23. The semiconductor device of claim 22, wherein the memory gate
stack includes a memory gate disposed over a multi-layer
charge-trapping layer, and wherein the select gate stack includes a
select gate disposed over a dielectric layer.
24. The semiconductor device of claim 22, wherein the HKMG stack of
the first FET includes a metal gate disposed over a high-K
dielectric layer.
25. The semiconductor device of claim 22, wherein the HV gate stack
of the second FET includes a polysilicon gate disposed over a HV
dielectric layer.
26. The semiconductor device of claim 22, wherein the NVM cell
includes a split gate memory transistor.
27. The semiconductor device of claim 22, wherein the second FET is
a HV device that is operational up to approximately 20 V and
includes source and drain regions having a depth from 400 .ANG. to
2,000 .ANG. below a surface of the substrate, and wherein the
polysilicon gate of the second FET has a gate height from 300 .ANG.
to 1,000 .ANG..
28. The semiconductor device of claim 23, wherein a self-aligned
silicide (SALICIDE) layer is disposed over at least a portion of
the select gate, and wherein the SALICIDE layer is not in direct
contact with the inter-gate dielectric.
29. The semiconductor device of claim 24, wherein the metal gate of
the first FET has a width from 10 nm to 40 nm and a height from 300
.ANG. to 1,000 .ANG..
30. The semiconductor device of claim 24, wherein the metal gate is
made of at least one of: aluminum, copper, titanium, tungsten, and
alloys thereof.
31. The semiconductor device of claim 24, wherein the high-K
dielectric layer includes at least one of: hafnium oxide, zirconium
oxide, hafnium silicate, hafnium oxy-nitride, hafnium zirconium
oxide, and lanthanum oxide.
32. A memory device, comprising: a plurality of split gate
transistors in a memory region, wherein each split gate transistor
includes a memory gate stack disposed adjacent to a select gate
stack; a plurality of logic transistors in a peripheral region,
wherein each logic transistor includes a high-K metal-gate (HKMG)
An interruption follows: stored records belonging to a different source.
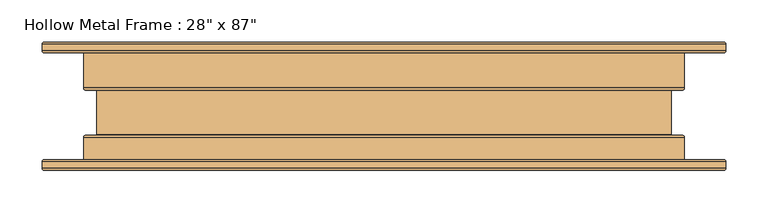
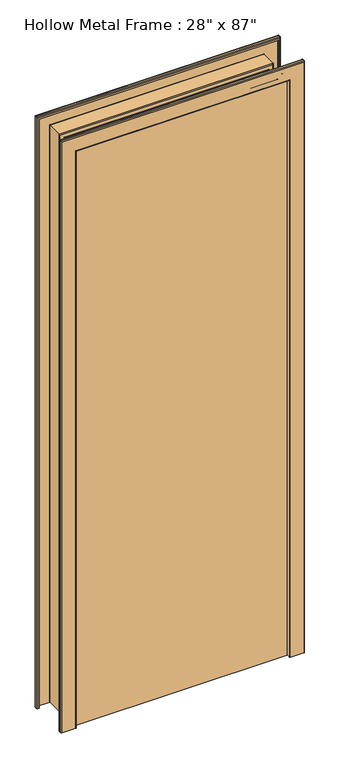
"""IFC4 building model written with IfcOpenShell, lengths in millimetres: door geometry."""

from ifc_helpers import new_model, si_unit, frame, origin, origin_with_axes, place, context, project, spatial, polyline, circle_curve, ellipse_curve, outline, extrude, source, transform, mapped, element, save
from ifc_brep_helpers import plane_surface, cylinder_surface, revolved_surface, advanced_brep


def door_ccd68c71(model_context):
    return source(origin(), model_context, "Body", "SolidModel", [
        advanced_brep(
        [(-403.82825, 63.5635, 0.0), (-406.4, 66.13525, 0.0), (-406.4, 73.66, 0.0), (-403.82825, 76.23175, 0.0), (-358.17175, 76.23175, 0.0), (-355.6, 73.66, 0.0), (-355.6, 21.68525, 0.0), (-354.584, 20.66925, 0.0), (-342.29675, 20.66925, 0.0), (-339.725, 18.0975, 0.0), (-339.725, -33.6931, 0.0), (-342.29675, -36.26485, 0.0), (-354.584, -36.26485, 0.0), (-355.6, -37.28085, 0.0), (-355.6, -73.5965, 0.0), (-358.17175, -76.16825, 0.0), (-403.82825, -76.16825, 0.0), (-406.4, -73.5965, 0.0), (-406.4, -66.07175, 0.0), (-403.82825, -63.5, 0.0), (-398.4625, -63.5, 0.0), (-398.4625, -65.05575, 0.0), (-403.82825, -65.05575, 0.0), (-404.84425, -66.07175, 0.0), (-404.84425, -73.5965, 0.0), (-403.82825, -74.6125, 0.0), (-358.17175, -74.6125, 0.0), (-357.15575, -73.5965, 0.0), (-357.15575, -37.28085, 0.0), (-354.584, -34.7091, 0.0), (-342.29675, -34.7091, 0.0), (-341.28075, -33.6931, 0.0), (-341.28075, 18.0975, 0.0), (-342.29675, 19.1135, 0.0), (-354.584, 19.1135, 0.0), (-357.15575, 21.68525, 0.0), (-357.15575, 73.66, 0.0), (-358.17175, 74.676, 0.0), (-403.82825, 74.676, 0.0), (-404.84425, 73.66, 0.0), (-404.84425, 66.13525, 0.0), (-403.82825, 65.11925, 0.0), (-398.4625, 65.11925, 0.0), (-398.4625, 63.5635, 0.0), (-403.82825, 63.5635, 2080.2282501), (-406.4, 66.13525, 2082.8000001), (-406.4, 73.66, 2082.8000001), (-403.82825, 76.23175, 2080.2282501), (403.82825, 76.23175, 2080.2282501), (403.82825, 76.23175, 0.0), (358.17175, 76.23175, 0.0), (358.17175, 76.23175, 2034.5717501), (-358.17175, 76.23175, 2034.5717501), (-355.6, 73.66, 2032.0000001), (-355.6, 21.68525, 2032.0000001), (-354.584, 20.66925, 2030.9840001), (354.584, 20.66925, 2030.9840001), (354.584, 20.66925, 0.0), (342.29675, 20.66925, 0.0), (342.29675, 20.66925, 2018.6967501), (-342.29675, 20.66925, 2018.6967501), (-339.725, 18.0975, 2016.1250001), (-339.725, -33.6931, 2016.1250001), (-342.29675, -36.26485, 2018.6967501), (342.29675, -36.26485, 2018.6967501), (342.29675, -36.26485, 0.0), (354.584, -36.26485, 0.0), (354.584, -36.26485, 2030.9840001), (-354.584, -36.26485, 2030.9840001), (-355.6, -37.28085, 2032.0000001), (-355.6, -73.5965, 2032.0000001), (-358.17175, -76.16825, 2034.5717501), (358.17175, -76.16825, 2034.5717501), (358.17175, -76.16825, 0.0), (403.82825, -76.16825, 0.0), (403.82825, -76.16825, 2080.2282501), (-403.82825, -76.16825, 2080.2282501), (-406.4, -73.5965, 2082.8000001), (-406.4, -66.07175, 2082.8000001), (-403.82825, -63.5, 2080.2282501), (403.82825, -63.5, 2080.2282501), (403.82825, -63.5, 0.0), (398.4625, -63.5, 0.0), (398.4625, -63.5, 2074.8625001), (-398.4625, -63.5, 2074.8625001), (-398.4625, -65.05575, 2074.8625001), (398.4625, -65.05575, 2074.8625001), (398.4625, -65.05575, 0.0), (403.82825, -65.05575, 0.0), (403.82825, -65.05575, 2080.2282501), (-403.82825, -65.05575, 2080.2282501), (-404.84425, -66.07175, 2081.2442501), (-404.84425, -73.5965, 2081.2442501), (-403.82825, -74.6125, 2080.2282501), (403.82825, -74.6125, 2080.2282501), (403.82825, -74.6125, 0.0), (358.17175, -74.6125, 0.0), (358.17175, -74.6125, 2034.5717501), (-358.17175, -74.6125, 2034.5717501), (-357.15575, -73.5965, 2033.5557501), (-357.15575, -37.28085, 2033.5557501), (-354.584, -34.7091, 2030.9840001), (354.584, -34.7091, 2030.9840001), (354.584, -34.7091, 0.0), (342.29675, -34.7091, 0.0), (342.29675, -34.7091, 2018.6967501), (-342.29675, -34.7091, 2018.6967501), (-341.28075, -33.6931, 2017.6807501), (-341.28075, 18.0975, 2017.6807501), (-342.29675, 19.1135, 2018.6967501), (342.29675, 19.1135, 2018.6967501), (342.29675, 19.1135, 0.0), (354.584, 19.1135, 0.0), (354.584, 19.1135, 2030.9840001), (-354.584, 19.1135, 2030.9840001), (-357.15575, 21.68525, 2033.5557501), (-357.15575, 73.66, 2033.5557501), (-358.17175, 74.676, 2034.5717501), (358.17175, 74.676, 2034.5717501), (358.17175, 74.676, 0.0), (403.82825, 74.676, 0.0), (403.82825, 74.676, 2080.2282501), (-403.82825, 74.676, 2080.2282501), (-404.84425, 73.66, 2081.2442501), (-404.84425, 66.13525, 2081.2442501), (-403.82825, 65.11925, 2080.2282501), (403.82825, 65.11925, 2080.2282501), (403.82825, 65.11925, 0.0), (398.4625, 65.11925, 0.0), (398.4625, 65.11925, 2074.8625001), (-398.4625, 65.11925, 2074.8625001), (-398.4625, 63.5635, 2074.8625001), (398.4625, 63.5635, 2074.8625001), (398.4625, 63.5635, 0.0), (403.82825, 63.5635, 0.0), (403.82825, 63.5635, 2080.2282501), (406.4, 66.13525, 2082.8000001), (406.4, 73.66, 2082.8000001), (355.6, 73.66, 2032.0000001), (355.6, 21.68525, 2032.0000001), (339.725, 18.0975, 2016.1250001), (339.725, -33.6931, 2016.1250001), (355.6, -37.28085, 2032.0000001), (355.6, -73.5965, 2032.0000001), (406.4, -73.5965, 2082.8000001), (406.4, -66.07175, 2082.8000001), (404.84425, -66.07175, 2081.2442501), (404.84425, -73.5965, 2081.2442501), (357.15575, -73.5965, 2033.5557501), (357.15575, -37.28085, 2033.5557501), (341.28075, -33.6931, 2017.6807501), (341.28075, 18.0975, 2017.6807501), (357.15575, 21.68525, 2033.5557501), (357.15575, 73.66, 2033.5557501), (404.84425, 73.66, 2081.2442501), (404.84425, 66.13525, 2081.2442501), (404.84425, 66.13525, 0.0), (404.84425, 73.66, 0.0), (357.15575, 73.66, 0.0), (357.15575, 21.68525, 0.0), (341.28075, 18.0975, 0.0), (341.28075, -33.6931, 0.0), (357.15575, -37.28085, 0.0), (357.15575, -73.5965, 0.0), (404.84425, -73.5965, 0.0), (404.84425, -66.07175, 0.0), (406.4, -66.07175, 0.0), (406.4, -73.5965, 0.0), (355.6, -73.5965, 0.0), (355.6, -37.28085, 0.0), (339.725, -33.6931, 0.0), (339.725, 18.0975, 0.0), (355.6, 21.68525, 0.0), (355.6, 73.66, 0.0), (406.4, 73.66, 0.0), (406.4, 66.13525, 0.0)],
        [
            (0, 1, circle_curve(frame((-403.82825, 66.13525, 0.0), z_axis=(0.0, 0.0, -1.0), x_axis=(0.0, -1.0, 0.0)), 2.57175)),
            (1, 2),
            (2, 3, circle_curve(frame((-403.82825, 73.66, 0.0), z_axis=(0.0, 0.0, -1.0), x_axis=(0.0, -1.0, 0.0)), 2.57175)),
            (3, 4),
            (4, 5, circle_curve(frame((-358.17175, 73.66, 0.0), z_axis=(0.0, 0.0, -1.0), x_axis=(0.0, -1.0, 0.0)), 2.57175)),
            (5, 6),
            (6, 7, circle_curve(frame((-354.584, 21.68525, 0.0), z_axis=(0.0, 0.0, 1.0), x_axis=(0.0, -1.0, 0.0)), 1.016)),
            (7, 8),
            (8, 9, circle_curve(frame((-342.29675, 18.0975, 0.0), z_axis=(0.0, 0.0, -1.0), x_axis=(0.0, -1.0, 0.0)), 2.57175)),
            (9, 10),
            (10, 11, circle_curve(frame((-342.29675, -33.6931, 0.0), z_axis=(0.0, 0.0, -1.0), x_axis=(0.0, -1.0, 0.0)), 2.57175)),
            (11, 12),
            (12, 13, circle_curve(frame((-354.584, -37.28085, 0.0), z_axis=(0.0, 0.0, 1.0), x_axis=(0.0, -1.0, 0.0)), 1.016)),
            (13, 14),
            (14, 15, circle_curve(frame((-358.17175, -73.5965, 0.0), z_axis=(0.0, 0.0, -1.0), x_axis=(0.0, -1.0, 0.0)), 2.57175)),
            (15, 16),
            (16, 17, circle_curve(frame((-403.82825, -73.5965, 0.0), z_axis=(0.0, 0.0, -1.0), x_axis=(0.0, -1.0, 0.0)), 2.57175)),
            (17, 18),
            (18, 19, circle_curve(frame((-403.82825, -66.07175, 0.0), z_axis=(0.0, 0.0, -1.0), x_axis=(0.0, -1.0, 0.0)), 2.57175)),
            (19, 20),
            (20, 21),
            (21, 22),
            (22, 23, circle_curve(frame((-403.82825, -66.07175, 0.0), z_axis=(0.0, 0.0, 1.0), x_axis=(0.0, -1.0, 0.0)), 1.016)),
            (23, 24),
            (24, 25, circle_curve(frame((-403.82825, -73.5965, 0.0), z_axis=(0.0, 0.0, 1.0), x_axis=(0.0, -1.0, 0.0)), 1.016)),
            (25, 26),
            (26, 27, circle_curve(frame((-358.17175, -73.5965, 0.0), z_axis=(0.0, 0.0, 1.0), x_axis=(0.0, -1.0, 0.0)), 1.016)),
            (27, 28),
            (28, 29, circle_curve(frame((-354.584, -37.28085, 0.0), z_axis=(0.0, 0.0, -1.0), x_axis=(0.0, -1.0, 0.0)), 2.57175)),
            (29, 30),
            (30, 31, circle_curve(frame((-342.29675, -33.6931, 0.0), z_axis=(0.0, 0.0, 1.0), x_axis=(0.0, -1.0, 0.0)), 1.016)),
            (31, 32),
            (32, 33, circle_curve(frame((-342.29675, 18.0975, 0.0), z_axis=(0.0, 0.0, 1.0), x_axis=(0.0, -1.0, 0.0)), 1.016)),
            (33, 34),
            (34, 35, circle_curve(frame((-354.584, 21.68525, 0.0), z_axis=(0.0, 0.0, -1.0), x_axis=(0.0, -1.0, 0.0)), 2.57175)),
            (35, 36),
            (36, 37, circle_curve(frame((-358.17175, 73.66, 0.0), z_axis=(0.0, 0.0, 1.0), x_axis=(0.0, -1.0, 0.0)), 1.016)),
            (37, 38),
            (38, 39, circle_curve(frame((-403.82825, 73.66, 0.0), z_axis=(0.0, 0.0, 1.0), x_axis=(0.0, -1.0, 0.0)), 1.016)),
            (39, 40),
            (40, 41, circle_curve(frame((-403.82825, 66.13525, 0.0), z_axis=(0.0, 0.0, 1.0), x_axis=(0.0, -1.0, 0.0)), 1.016)),
            (41, 42),
            (42, 43),
            (43, 0),
            (0, 44),
            (44, 45, ellipse_curve(frame((-403.82825, 66.13525, 2080.2282501), z_axis=(-0.7071067811865475, 0.0, -0.7071067811865475), x_axis=(0.7071067811865474, 0.0, -0.7071067811865476)), 3.6370037, 2.57175)),
            (45, 1),
            (45, 46),
            (46, 2),
            (46, 47, ellipse_curve(frame((-403.82825, 73.66, 2080.2282501), z_axis=(-0.7071067811865475, 0.0, -0.7071067811865475), x_axis=(0.7071067811865474, 0.0, -0.7071067811865476)), 3.6370037, 2.57175)),
            (47, 3),
            (47, 48),
            (48, 49),
            (49, 50),
            (50, 51),
            (51, 52),
            (52, 4),
            (52, 53, ellipse_curve(frame((-358.17175, 73.66, 2034.5717501), z_axis=(-0.7071067811865475, 0.0, -0.7071067811865475), x_axis=(0.7071067811865474, 0.0, -0.7071067811865476)), 3.6370037, 2.57175)),
            (53, 5),
            (53, 54),
            (54, 6),
            (54, 55, ellipse_curve(frame((-354.584, 21.68525, 2030.9840001), z_axis=(0.7071067811865475, 0.0, 0.7071067811865475), x_axis=(-0.7071067811865474, 0.0, 0.7071067811865476)), 1.436841, 1.016)),
            (55, 7),
            (55, 56),
            (56, 57),
            (57, 58),
            (58, 59),
            (59, 60),
            (60, 8),
            (60, 61, ellipse_curve(frame((-342.29675, 18.0975, 2018.6967501), z_axis=(-0.7071067811865475, 0.0, -0.7071067811865475), x_axis=(0.7071067811865474, 0.0, -0.7071067811865476)), 3.6370037, 2.57175)),
            (61, 9),
            (61, 62),
            (62, 10),
            (62, 63, ellipse_curve(frame((-342.29675, -33.6931, 2018.6967501), z_axis=(-0.7071067811865475, 0.0, -0.7071067811865475), x_axis=(0.7071067811865474, 0.0, -0.7071067811865476)), 3.6370037, 2.57175)),
            (63, 11),
            (63, 64),
            (64, 65),
            (65, 66),
            (66, 67),
            (67, 68),
            (68, 12),
            (68, 69, ellipse_curve(frame((-354.584, -37.28085, 2030.9840001), z_axis=(0.7071067811865475, 0.0, 0.7071067811865475), x_axis=(-0.7071067811865474, 0.0, 0.7071067811865476)), 1.436841, 1.016)),
            (69, 13),
            (69, 70),
            (70, 14),
            (70, 71, ellipse_curve(frame((-358.17175, -73.5965, 2034.5717501), z_axis=(-0.7071067811865475, 0.0, -0.7071067811865475), x_axis=(0.7071067811865474, 0.0, -0.7071067811865476)), 3.6370037, 2.57175)),
            (71, 15),
            (71, 72),
            (72, 73),
            (73, 74),
            (74, 75),
            (75, 76),
            (76, 16),
            (76, 77, ellipse_curve(frame((-403.82825, -73.5965, 2080.2282501), z_axis=(-0.7071067811865475, 0.0, -0.7071067811865475), x_axis=(0.7071067811865474, 0.0, -0.7071067811865476)), 3.6370037, 2.57175)),
            (77, 17),
            (77, 78),
            (78, 18),
            (78, 79, ellipse_curve(frame((-403.82825, -66.07175, 2080.2282501), z_axis=(-0.7071067811865475, 0.0, -0.7071067811865475), x_axis=(0.7071067811865474, 0.0, -0.7071067811865476)), 3.6370037, 2.57175)),
            (79, 19),
            (79, 80),
            (80, 81),
            (81, 82),
            (82, 83),
            (83, 84),
            (84, 20),
            (84, 85),
            (85, 21),
            (85, 86),
            (86, 87),
            (87, 88),
            (88, 89),
            (89, 90),
            (90, 22),
            (90, 91, ellipse_curve(frame((-403.82825, -66.07175, 2080.2282501), z_axis=(0.7071067811865475, 0.0, 0.7071067811865475), x_axis=(-0.7071067811865474, 0.0, 0.7071067811865476)), 1.436841, 1.016)),
            (91, 23),
            (91, 92),
            (92, 24),
            (92, 93, ellipse_curve(frame((-403.82825, -73.5965, 2080.2282501), z_axis=(0.7071067811865475, 0.0, 0.7071067811865475), x_axis=(-0.7071067811865474, 0.0, 0.7071067811865476)), 1.436841, 1.016)),
            (93, 25),
            (93, 94),
            (94, 95),
            (95, 96),
            (96, 97),
            (97, 98),
            (98, 26),
            (98, 99, ellipse_curve(frame((-358.17175, -73.5965, 2034.5717501), z_axis=(0.7071067811865475, 0.0, 0.7071067811865475), x_axis=(-0.7071067811865474, 0.0, 0.7071067811865476)), 1.436841, 1.016)),
            (99, 27),
            (99, 100),
            (100, 28),
            (100, 101, ellipse_curve(frame((-354.584, -37.28085, 2030.9840001), z_axis=(-0.7071067811865475, 0.0, -0.7071067811865475), x_axis=(0.7071067811865474, 0.0, -0.7071067811865476)), 3.6370037, 2.57175)),
            (101, 29),
            (101, 102),
            (102, 103),
            (103, 104),
            (104, 105),
            (105, 106),
            (106, 30),
            (106, 107, ellipse_curve(frame((-342.29675, -33.6931, 2018.6967501), z_axis=(0.7071067811865475, 0.0, 0.7071067811865475), x_axis=(-0.7071067811865474, 0.0, 0.7071067811865476)), 1.436841, 1.016)),
            (107, 31),
            (107, 108),
            (108, 32),
            (108, 109, ellipse_curve(frame((-342.29675, 18.0975, 2018.6967501), z_axis=(0.7071067811865475, 0.0, 0.7071067811865475), x_axis=(-0.7071067811865474, 0.0, 0.7071067811865476)), 1.436841, 1.016)),
            (109, 33),
            (109, 110),
            (110, 111),
            (111, 112),
            (112, 113),
            (113, 114),
            (114, 34),
            (114, 115, ellipse_curve(frame((-354.584, 21.68525, 2030.9840001), z_axis=(-0.7071067811865475, 0.0, -0.7071067811865475), x_axis=(0.7071067811865474, 0.0, -0.7071067811865476)), 3.6370037, 2.57175)),
            (115, 35),
            (115, 116),
            (116, 36),
            (116, 117, ellipse_curve(frame((-358.17175, 73.66, 2034.5717501), z_axis=(0.7071067811865475, 0.0, 0.7071067811865475), x_axis=(-0.7071067811865474, 0.0, 0.7071067811865476)), 1.436841, 1.016)),
            (117, 37),
            (117, 118),
            (118, 119),
            (119, 120),
            (120, 121),
            (121, 122),
            (122, 38),
            (122, 123, ellipse_curve(frame((-403.82825, 73.66, 2080.2282501), z_axis=(0.7071067811865475, 0.0, 0.7071067811865475), x_axis=(-0.7071067811865474, 0.0, 0.7071067811865476)), 1.436841, 1.016)),
            (123, 39),
            (123, 124),
            (124, 40),
            (124, 125, ellipse_curve(frame((-403.82825, 66.13525, 2080.2282501), z_axis=(0.7071067811865475, 0.0, 0.7071067811865475), x_axis=(-0.7071067811865474, 0.0, 0.7071067811865476)), 1.436841, 1.016)),
            (125, 41),
            (125, 126),
            (126, 127),
            (127, 128),
            (128, 129),
            (129, 130),
            (130, 42),
            (130, 131),
            (131, 43),
            (131, 132),
            (132, 133),
            (133, 134),
            (134, 135),
            (135, 44),
            (135, 136, ellipse_curve(frame((403.82825, 66.13525, 2080.2282501), z_axis=(-0.7071067811865475, 0.0, 0.7071067811865475), x_axis=(-0.7071067811865476, 0.0, -0.7071067811865474)), 3.6370037, 2.57175)),
            (136, 45),
            (136, 137),
            (137, 46),
            (137, 48, ellipse_curve(frame((403.82825, 73.66, 2080.2282501), z_axis=(-0.7071067811865475, 0.0, 0.7071067811865475), x_axis=(-0.7071067811865476, 0.0, -0.7071067811865474)), 3.6370037, 2.57175)),
            (51, 138, ellipse_curve(frame((358.17175, 73.66, 2034.5717501), z_axis=(-0.7071067811865475, 0.0, 0.7071067811865475), x_axis=(-0.7071067811865476, 0.0, -0.7071067811865474)), 3.6370037, 2.57175)),
            (138, 53),
            (138, 139),
            (139, 54),
            (139, 56, ellipse_curve(frame((354.584, 21.68525, 2030.9840001), z_axis=(0.7071067811865475, 0.0, -0.7071067811865475), x_axis=(0.7071067811865476, 0.0, 0.7071067811865474)), 1.436841, 1.016)),
            (59, 140, ellipse_curve(frame((342.29675, 18.0975, 2018.6967501), z_axis=(-0.7071067811865475, 0.0, 0.7071067811865475), x_axis=(-0.7071067811865476, 0.0, -0.7071067811865474)), 3.6370037, 2.57175)),
            (140, 61),
            (140, 141),
            (141, 62),
            (141, 64, ellipse_curve(frame((342.29675, -33.6931, 2018.6967501), z_axis=(-0.7071067811865475, 0.0, 0.7071067811865475), x_axis=(-0.7071067811865476, 0.0, -0.7071067811865474)), 3.6370037, 2.57175)),
            (67, 142, ellipse_curve(frame((354.584, -37.28085, 2030.9840001), z_axis=(0.7071067811865475, 0.0, -0.7071067811865475), x_axis=(0.7071067811865476, 0.0, 0.7071067811865474)), 1.436841, 1.016)),
            (142, 69),
            (142, 143),
            (143, 70),
            (143, 72, ellipse_curve(frame((358.17175, -73.5965, 2034.5717501), z_axis=(-0.7071067811865475, 0.0, 0.7071067811865475), x_axis=(-0.7071067811865476, 0.0, -0.7071067811865474)), 3.6370037, 2.57175)),
            (75, 144, ellipse_curve(frame((403.82825, -73.5965, 2080.2282501), z_axis=(-0.7071067811865475, 0.0, 0.7071067811865475), x_axis=(-0.7071067811865476, 0.0, -0.7071067811865474)), 3.6370037, 2.57175)),
            (144, 77),
            (144, 145),
            (145, 78),
            (145, 80, ellipse_curve(frame((403.82825, -66.07175, 2080.2282501), z_axis=(-0.7071067811865475, 0.0, 0.7071067811865475), x_axis=(-0.7071067811865476, 0.0, -0.7071067811865474)), 3.6370037, 2.57175)),
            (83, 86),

stack; and a plurality of high voltage (HV) transistors in the
peripheral region, wherein each HV transistor includes a HV gate
stack; wherein the memory and select gate stacks of the plurality
of split gate transistors and the HV gate stack of the plurality of
HV transistors have an approximate same height and a commonly
planarized top surfaces, and wherein the memory and peripheral
regions are disposed within a single substrate.
33. The memory device of claim 32, wherein the memory gate stack
includes a memory gate disposed over a multi-layer charge-trapping
layer, and wherein the select gate stack includes a select gate
disposed over a dielectric layer.
34. The memory device of claim 32, wherein the HKMG stacks of the
plurality of logic transistors each includes a metal gate disposed
over a high-K dielectric layer.
35. The memory device of claim 32, wherein the HV gate stacks of
the plurality of HV transistors each includes a polysilicon gate
disposed over a HV dielectric layer.
36. The memory device of claim 32, wherein the memory gate stack
and select gate stack is separated by an inter-gate dielectric.
37. The memory device of claim 32, wherein the plurality of HV
transistors are operational up to approximately 20 V and each
includes source and drain regions having a depth from 400 .ANG. to
2,000 .ANG. below a surface of the single substrate, and wherein
the polysilicon gates each has a gate height from 300 .ANG. to
1,000 .ANG..
38. The memory device of claim 36, wherein a self-aligned silicide
(SALICIDE) layer is disposed over at least a portion of each of the
select gate, and wherein the SALICIDE layer is not in direct
contact with the inter-gate dielectric.
39. The memory device of claim 34, wherein the metal gates of the
plurality of logic transistors each has a width from 10 nm to 40 nm
and a height from 300 .ANG. to 1,000 .ANG..
40. The memory device of claim 34, wherein the metal gates of the
plurality of logic transistors are made of at least one of:
aluminum, copper, titanium, tungsten, and alloys thereof.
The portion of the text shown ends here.